[Material provided]

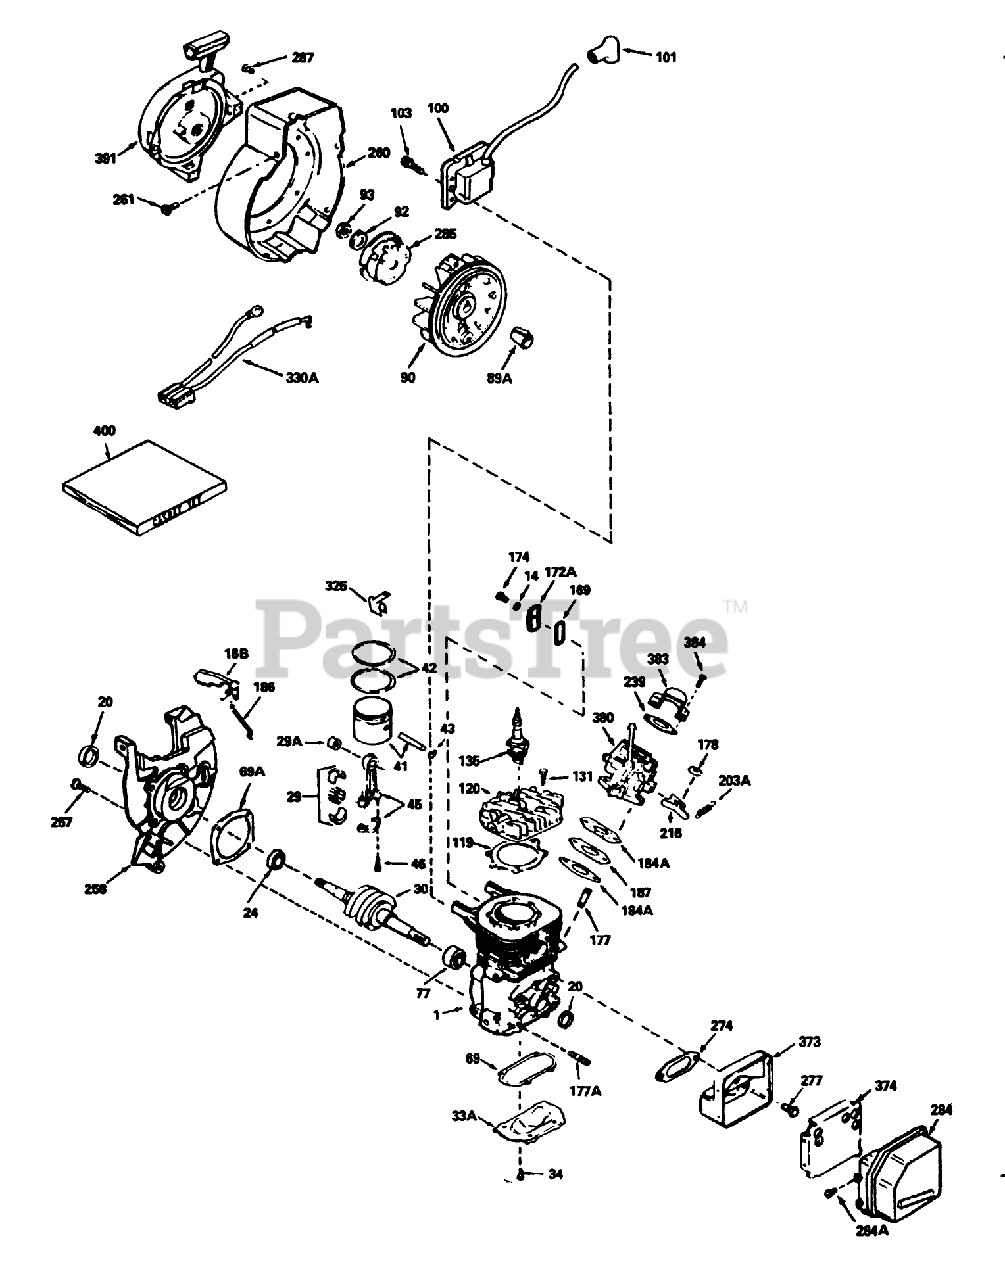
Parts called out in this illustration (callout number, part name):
1	Block Ass-y-Cylinder (Order short block if replacement is required)
14	Washer
16B	Vane-Air
20	Seal-Oil
24	Bearing-Ball
29	Needle Bearing and Liner Set (37 Needles)
29A	Bearing-Cartridge
30	Crankshaft
33A	Plate-Cover
34	Screw (T-25, 10-24 x 1/2)
41	Piston (Incl. Ref. #43)
42	Ring Set
43	Ring-Retaning
45	Rod Assy.-Connecting (Incl. Ref. #3, 3A 3B)
46	Bolt-Rod, Connecting
69	Gasket-Plate, Cover
69A	Gasket-Cover, Cylinder
77	Bearing-Cartridge
89A	Blade (20 inch)
90	CARB BODY S
92	Washer-Belleville
93	Nut-Flywheel
100	Solid State
101	Cover-Spark Plug
103	Screw
119	Gasket-Head, Cylinder
120	Head-Cylinder
131	Screw (T-30, 1/4-20 x 3/4)
135	Spark Plug-Resistor (R C J 8Y)
169	Cover-Compression, Release
172A	Comp. Release Cover
174	Screw (T-25, 10-24 x 1/2)
178	Locknut
184A	Gasket-Carburetor
186	Link-Governor
187	Spacer
203A	Spring-Governor
216	Lever-Adjusting, Rpm
239	2060A77 WIZARD ROTA
257	Screw (T-30, 1/4-20 x 5/8)
258	Base Ass-y-Blower Housing (Incl Ref. #20)
260	Housing-Blower
261	Screw (1/4-20 x 1/2)
274	Gasket-Exhaust
277	Screw (T-30, 1/4-20 x 5/8)
284	Cover-Muffler
284A	Screw
285	Cup-Starter
287	Rivet-Pop
325	Clip-Wire
330A	Harness-Wire
373	Base-Muffler
374	Baffle-Muffler
380	Carburetor (Incl. Ref. #184A)
383	Baffle-Carburetor
384	Screw
391	Starter-Rewind
400	Gasket Set
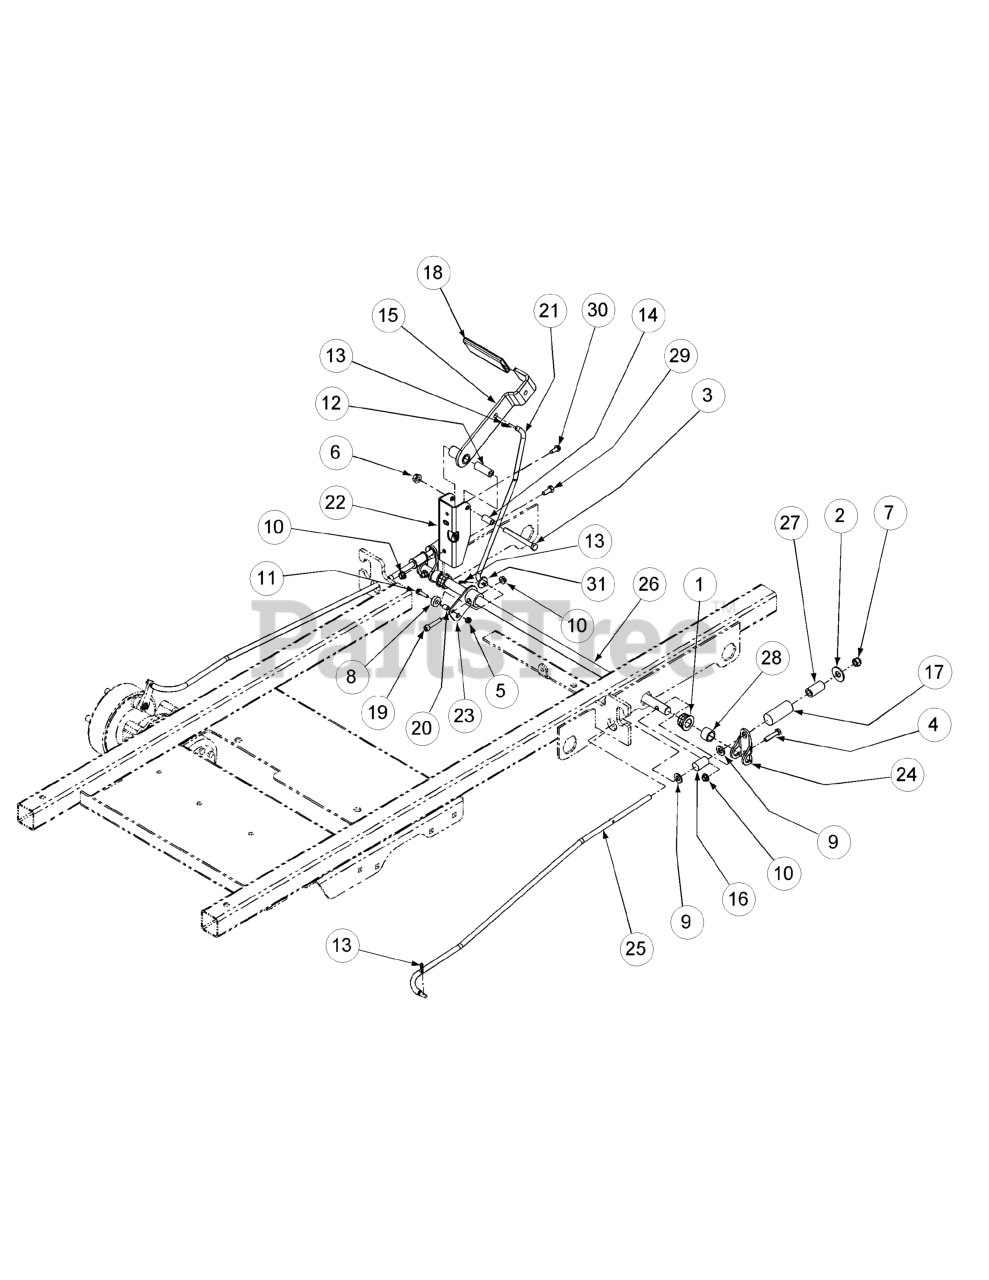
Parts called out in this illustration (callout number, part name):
1	Hex Flange Bearing, .752 ID
2	Flat Washer, 1/2
3	Hex Cap Screw, 3/8-16 x 3-1/4
4	Hex Cap Screw, 5/16-18 x 1-1/2
5	LockNut, 1/4-20, Nylon Insert
6	Flange Lock Hex Nut, 3/8-16
7	Nylock Nut, 7/16-14
8	Spacer, Control Rod
9	Washer, .469 ID x .875 OD x .105
10	HEX FLANGE NUT
11	Self Tapping Screw, 1/4-20 x 1.00
12	Spacer, .39 x .63 x 1.75
13	Cotter Pin, .072 x 1.12 Lg
14	Spacer, .375 x .50 x .75 Lg
15	Brake Handle
16	Neutral Brake Spring
17	Force Brake Spring
18	Parking Brake Grip
19	Socket Head Capscrew, 5/16-18 x 1.50
20	Spacer, .375 OD x .257 ID x .438
21	Brake Rod
22	PARK BRAKE BRACKET
23	Brake Arm Assembly
24	Brake Bracket
25	Linkage Brake Rod
26	Pivot Brake Shaft
27	Low Pressure Hose
28	Spacer, .76 ID x 1.0 OD x .75
29	HHCS, 5/16-18 x 1.0
30	Screw, TT, 1/4-20, 0.75, Hex Index Washer
31	Flat Washer, .406 ID, 1.0 OD, .105

[/Material provided]

#### Aim of the exercise
Return every entry of the data above verbatim, with no images included.

#### Response to the task
Parts called out in this illustration (callout number, part name):
1	Block Ass-y-Cylinder (Order short block if replacement is required)
14	Washer
16B	Vane-Air
20	Seal-Oil
24	Bearing-Ball
29	Needle Bearing and Liner Set (37 Needles)
29A	Bearing-Cartridge
30	Crankshaft
33A	Plate-Cover
34	Screw (T-25, 10-24 x 1/2)
41	Piston (Incl. Ref. #43)
42	Ring Set
43	Ring-Retaning
45	Rod Assy.-Connecting (Incl. Ref. #3, 3A 3B)
46	Bolt-Rod, Connecting
69	Gasket-Plate, Cover
69A	Gasket-Cover, Cylinder
77	Bearing-Cartridge
89A	Blade (20 inch)
90	CARB BODY S
92	Washer-Belleville
93	Nut-Flywheel
100	Solid State
101	Cover-Spark Plug
103	Screw
119	Gasket-Head, Cylinder
120	Head-Cylinder
131	Screw (T-30, 1/4-20 x 3/4)
135	Spark Plug-Resistor (R C J 8Y)
169	Cover-Compression, Release
172A	Comp. Release Cover
174	Screw (T-25, 10-24 x 1/2)
178	Locknut
184A	Gasket-Carburetor
186	Link-Governor
187	Spacer
203A	Spring-Governor
216	Lever-Adjusting, Rpm
239	2060A77 WIZARD ROTA
257	Screw (T-30, 1/4-20 x 5/8)
258	Base Ass-y-Blower Housing (Incl Ref. #20)
260	Housing-Blower
261	Screw (1/4-20 x 1/2)
274	Gasket-Exhaust
277	Screw (T-30, 1/4-20 x 5/8)
284	Cover-Muffler
284A	Screw
285	Cup-Starter
287	Rivet-Pop
325	Clip-Wire
330A	Harness-Wire
373	Base-Muffler
374	Baffle-Muffler
380	Carburetor (Incl. Ref. #184A)
383	Baffle-Carburetor
384	Screw
391	Starter-Rewind
400	Gasket Set
Parts called out in this illustration (callout number, part name):
1	Hex Flange Bearing, .752 ID
2	Flat Washer, 1/2
3	Hex Cap Screw, 3/8-16 x 3-1/4
4	Hex Cap Screw, 5/16-18 x 1-1/2
5	LockNut, 1/4-20, Nylon Insert
6	Flange Lock Hex Nut, 3/8-16
7	Nylock Nut, 7/16-14
8	Spacer, Control Rod
9	Washer, .469 ID x .875 OD x .105
10	HEX FLANGE NUT
11	Self Tapping Screw, 1/4-20 x 1.00
12	Spacer, .39 x .63 x 1.75
13	Cotter Pin, .072 x 1.12 Lg
14	Spacer, .375 x .50 x .75 Lg
15	Brake Handle
16	Neutral Brake Spring
17	Force Brake Spring
18	Parking Brake Grip
19	Socket Head Capscrew, 5/16-18 x 1.50
20	Spacer, .375 OD x .257 ID x .438
21	Brake Rod
22	PARK BRAKE BRACKET
23	Brake Arm Assembly
24	Brake Bracket
25	Linkage Brake Rod
26	Pivot Brake Shaft
27	Low Pressure Hose
28	Spacer, .76 ID x 1.0 OD x .75
29	HHCS, 5/16-18 x 1.0
30	Screw, TT, 1/4-20, 0.75, Hex Index Washer
31	Flat Washer, .406 ID, 1.0 OD, .105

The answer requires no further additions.